Jetzt würde ich aber gerne noch die Grants der User als SQL Speichern habe aber leider keine Methoden in der DatabaseMetaData Klasse gefunden.

Hat jemand eine Idee ??

Mfg

Delphiking1980


----------



## Marcinek (21. Sep 2011)

Dazu musst du die Systemtables deiner Datenbank lesen.

MySQL: mysql


----------



## nillehammer (21. Sep 2011)

Ich bin mir nicht sicher, ob das überhaupt DB-unabhängig mit Java-Mitteln zu machen ist. Die meisten DBs stellen aber SQL-Syntax zur Verfügung, um GRANTs abzufragen. Damit wäre es dann eine normale Query.

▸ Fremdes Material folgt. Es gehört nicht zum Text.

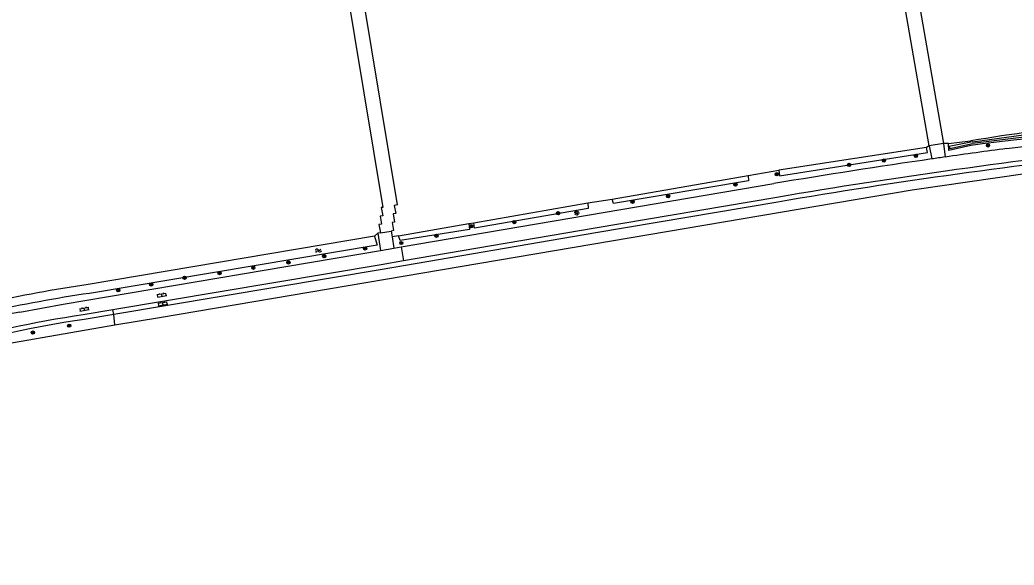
# Model space of a CAD drawing. Extents: x 136000 to 141000, y 400494 to 402006.
# Drawn here: x 138537.3 to 138778.6, y 400880.1 to 401012.4 of the extents above; entities that cross this region are included whole.
import ezdxf

# ---------------------------------------------------------------- set-up
doc = ezdxf.new("R2010")
doc.units = 0
for name, color, linetype in [('gg-knt-bronhoudergrens', 7, 'Continuous'), ('gg-knt-verharding', 7, 'Continuous'), ('gg-knt-verharding nz', 7, 'Continuous'), ('gg-kntw-bovenkant insteek waterloop', 7, 'Continuous'), ('gg-kntw-waterlijn', 7, 'Continuous'), ('gt-grn-groengrens', 7, 'Continuous'), ('gt-grn-vlakafsluiter', 7, 'Continuous'), ('gt-grn-weggrens', 7, 'Continuous'), ('gt-symb-boom', 7, 'Continuous'), ('gt-symb-klinker verharding', 7, 'Continuous'), ('gt-symb-lichtmast', 7, 'Continuous'), ('gt-symb-watersymbool', 7, 'Continuous')]:
    doc.layers.add(name, color=color, linetype=linetype)

# ---------------------------------------------------------------- blocks, each defined once
blk = doc.blocks.new('gt0-BOOM')
at = {"layer": 'gt-symb-boom'}
for radius in [0.4, 0.2]:
    blk.add_circle((0, 0), radius, dxfattribs=at)
blk = doc.blocks.new('gt0-LMAST')
at = {"layer": 'gt-symb-lichtmast'}
for p, q in [((-0.18, 0.17), (-0.45, 0.44)), ((-0.01, 0.25), (-0.01, 0.62)), ((0.17, 0.17), (0.44, 0.44)), ((-0.26, 0), (-0.63, 0)), ((-0.18, -0.18), (-0.45, -0.45)), ((-0.01, -0.25), (-0.01, -0.63)), ((0.44, -0.45), (0.17, -0.18)), ((0.24, 0), (0.62, 0))]:
    blk.add_line(p, q, dxfattribs=at)
blk.add_circle((-0.01, 0), 0.25, dxfattribs=at)
blk = doc.blocks.new('gt0-KL1')
at = {"layer": 'gt-symb-klinker verharding'}
for p, q in [((-1.15, 0.3), (1.15, 0.3)), ((-1, -0.3), (-1, 0.3)), ((-0.5, 0.3), (-0.5, 0.45)), ((0, -0.3), (0, 0.3)), ((0.5, 0.3), (0.5, 0.45)), ((1, -0.3), (1, 0.3)), ((-1.15, -0.3), (1.15, -0.3)), ((-0.5, -0.45), (-0.5, -0.3)), ((0.5, -0.45), (0.5, -0.3))]:
    blk.add_line(p, q, dxfattribs=at)
blk = doc.blocks.new('gt0-WA')
at = {"layer": 'gt-symb-watersymbool'}
for centre, start, end in [((-0.32, 0.02), 28.0725, 151.9275), ((0.43, 0.42), 208.0725, 331.9275), ((-0.32, -0.43), 28.0725, 151.9275), ((0.43, -0.03), 208.0725, 331.9275)]:
    blk.add_arc(centre, 0.425, start, end, dxfattribs=at)

msp = doc.modelspace()

# ---------------------------------------------------------------- linework, layer by layer
at = {"layer": 'gg-knt-bronhoudergrens'}
msp.add_line((138628.96, 400967.49), (138594.58, 401174.98), dxfattribs=at)
for points in [[(138594.58, 401174.98), (138591.01, 401174.39), (138625.39, 400966.9)], [(138757.97, 400981.84), (138731.67, 401132.92), (138735.62, 401133.61)], [(138737.07, 401125.14), (138736.61, 401125.05), (138761.44, 400982.4)]]:
    msp.add_lwpolyline(points, dxfattribs=at)
at = {"layer": 'gg-knt-verharding'}
for p, q in [((138776.83, 400981.18), (138795.74, 400983.51)), ((138757.97, 400981.84), (138758.66, 400978.65)), ((138761.44, 400982.4), (138761.89, 400979.11)), ((138629.86, 400957.3), (138720.33, 400972.66)), ((138624.88, 400960.71), (138624.19, 400960.6)), ((138624.19, 400960.6), (138624.87, 400956.45)), ((138627.4, 400961.15), (138627.64, 400959.72)), ((138627.64, 400959.72), (138628.09, 400957)), ((138624.87, 400956.45), (138628.09, 400957)), ((138628.09, 400957), (138629.86, 400957.3)), ((138560.1, 400940.92), (138552.92, 400939.71))]:
    msp.add_line(p, q, dxfattribs=at)
for points in [[(138721.23, 400968.19), (138677.11, 400960.72), (138625.27, 400951.85), (138560.1, 400940.92)], [(138625.39, 400966.9), (138625.03, 400966.83), (138625.4, 400964.86), (138624.79, 400964.77), (138625.12, 400962.8), (138624.47, 400962.7), (138624.88, 400960.71)], [(138628.96, 400967.49), (138628.2, 400967.38), (138628.54, 400965.42), (138627.95, 400965.29), (138628.26, 400963.34), (138627.67, 400963.21), (138627.99, 400961.26), (138627.4, 400961.15)], [(138537.34, 400941.5), (138547.82, 400943.43), (138596.65, 400951.66), (138624.87, 400956.45)]]:
    msp.add_lwpolyline(points, dxfattribs=at)
for centre, radius, start, end in [((139017.48, 399193.91), 1803.4, 97.66863, 98.14778), ((139017.16, 399196.53), 1800.77, 98.25342, 99.48793), ((138964.54, 399543.62), 1445.2, 96.19007, 99.69215), ((138983.04, 399432.02), 1562.82, 98.13488, 98.25448), ((138564.9, 400788.1), 155.85, 100.1868, 108.635), ((138587.96, 400699.6), 242.66, 98.3016, 106.7958)]:
    msp.add_arc(centre, radius, start, end, dxfattribs=at)
at = {"layer": 'gg-knt-verharding nz'}
msp.add_line((138559.91, 400942.04), (138552.7, 400940.83), dxfattribs=at)
for points in [[(138721.04, 400969.32), (138676.93, 400961.84), (138630.43, 400953.9)], [(138630.43, 400953.9), (138624.98, 400952.97), (138559.91, 400942.04)]]:
    msp.add_lwpolyline(points, dxfattribs=at)
for centre, radius, start, end in [((138968.11, 399516.55), 1473.63, 96.22052, 99.65179), ((138589.24, 400693.08), 250.43, 98.389, 106.6562)]:
    msp.add_arc(centre, radius, start, end, dxfattribs=at)
at = {"layer": 'gg-kntw-bovenkant insteek waterloop'}
for p, q in [((138757.36, 400981.44), (138721.51, 400975.89)), ((138757.57, 400980.18), (138757.36, 400981.44)), ((138762.65, 400982.38), (138768.06, 400983.04)), ((138681.1, 400968.88), (138714.05, 400974.62)), ((138647.51, 400963.15), (138675.17, 400967.97)), ((138629.18, 400959.98), (138646.31, 400962.97)), ((138623.38, 400959.88), (138553.9, 400948.19)), ((138629.59, 400958.82), (138629.18, 400959.98))]:
    msp.add_line(p, q, dxfattribs=at)
for points in [[(138768.12, 400981.93), (138762.74, 400980.68), (138762.65, 400982.38)], [(138721.51, 400975.89), (138721.65, 400974.58), (138757.57, 400980.18)], [(138714.05, 400974.62), (138714.18, 400973.37), (138681.42, 400967.82), (138681.1, 400968.88)], [(138675.17, 400967.97), (138675.24, 400966.63), (138647.66, 400961.85), (138647.51, 400963.15)], [(138646.31, 400962.97), (138646.43, 400961.56), (138629.59, 400958.82)], [(138623.38, 400959.88), (138624, 400957.76), (138554.24, 400946.02)]]:
    msp.add_lwpolyline(points, dxfattribs=at)
for centre, radius, start, end in [((138864.74, 400388.45), 602.4, 96.34796, 99.23525), ((138870.9, 400168.27), 820.12, 94.07183, 97.19958), ((138602.54, 400614.75), 336.97, 98.3, 106.7908), ((138602.55, 400614.74), 334.79, 98.2967, 106.7917)]:
    msp.add_arc(centre, radius, start, end, dxfattribs=at)
at = {"layer": 'gg-kntw-waterlijn'}
for points in [[(138768.54, 400982.76), (138780.87, 400984.48), (138798.42, 400986.54), (138811.81, 400987.56), (138811.85, 400987.01), (138811.21, 400986.78), (138798.83, 400986.04), (138786.29, 400984.55), (138768.54, 400982.43)], [(138768.54, 400982.76), (138762.85, 400981.68), (138762.98, 400981.18), (138768.54, 400982.43)]]:
    msp.add_lwpolyline(points, dxfattribs=at)
at = {"layer": 'gt-grn-groengrens'}
for q in [(138560.1, 400940.92), (138571.18, 400940.19)]:
    msp.add_line((138560.37, 400938.36), q, dxfattribs=at)
for points in [[(138571.18, 400940.19), (138753.9, 400971.17), (138794.74, 400977.03), (138809.44, 400978.86)], [(138401.76, 400880.1), (138417.83, 400890.28), (138433.51, 400899.77), (138449.72, 400907.2), (138455.39, 400909.23), (138510.72, 400927.7), (138530.14, 400933.1), (138560.37, 400938.36)]]:
    msp.add_lwpolyline(points, dxfattribs=at)
at = {"layer": 'gt-grn-vlakafsluiter'}
for p, q in [((138757.97, 400981.84), (138757.36, 400981.44)), ((138761.44, 400982.4), (138757.97, 400981.84)), ((138762.65, 400982.38), (138761.44, 400982.4)), ((138714.05, 400974.62), (138721.51, 400975.89)), ((138675.17, 400967.97), (138681.1, 400968.88)), ((138646.31, 400962.97), (138647.51, 400963.15)), ((138624.19, 400960.6), (138623.38, 400959.88)), ((138629.18, 400959.98), (138627.64, 400959.72))]:
    msp.add_line(p, q, dxfattribs=at)
at = {"layer": 'gt-grn-weggrens'}
for p, q in [((138624.88, 400960.71), (138627.4, 400961.15)), ((138629.86, 400957.3), (138630.43, 400953.9)), ((138560.1, 400940.92), (138559.91, 400942.04))]:
    msp.add_line(p, q, dxfattribs=at)

# ---------------------------------------------------------------- block references
at = {"layer": 'gt-symb-boom'}
for p in [(138772.27, 400981.91), (138746.99, 400978.24), (138754.78, 400979.39), (138738.55, 400977.19), (138721.01, 400974.93), (138710.96, 400972.44), (138694.62, 400969.6), (138686.01, 400968.24), (138667.96, 400965.48), (138646.86, 400962.33), (138657.32, 400963.32), (138638.43, 400960.02), (138621.11, 400956.95), (138629.9, 400958.25), (138611.21, 400955.02), (138593.99, 400952.24), (138602.51, 400953.55), (138577.29, 400949.81), (138585.78, 400950.93), (138561.21, 400946.78), (138569.22, 400948.19), (138549.3, 400938.19), (138540.49, 400936.51)]:
    msp.add_blockref('gt0-BOOM', p, dxfattribs=at)
at = {"layer": 'gt-symb-klinker verharding'}
for p, rotation in [((138571.79, 400945.61), 9.443474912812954), ((138552.99, 400942.21), 9.500010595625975), ((138572.02, 400943.52), 9.443474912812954)]:
    msp.add_blockref('gt0-KL1', p, dxfattribs=dict(at, rotation=rotation))
at = {"layer": 'gt-symb-lichtmast'}
msp.add_blockref('gt0-LMAST', (138672.49, 400965.57), dxfattribs=at)
at = {"layer": 'gt-symb-watersymbool', "rotation": 17.511195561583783}
msp.add_blockref('gt0-WA', (138609.7, 400956.39), dxfattribs=at)

doc.saveas('drawing.dxf')

Bei MySql z.B. ist die Syntax hier beschrieben: MySQL :: MySQL 5.0 Reference Manual :: 12.4.5.17 SHOW GRANTS Syntax


----------



## delphiking1980 (21. Sep 2011)

aber leider ist das dann sehr Datenbankspezifisch oder ?

Ich möchte dem User gerne die Wahl lassen ob er MySQL verwendet oder PostGres oder sogar
 eine Oracle DB.


----------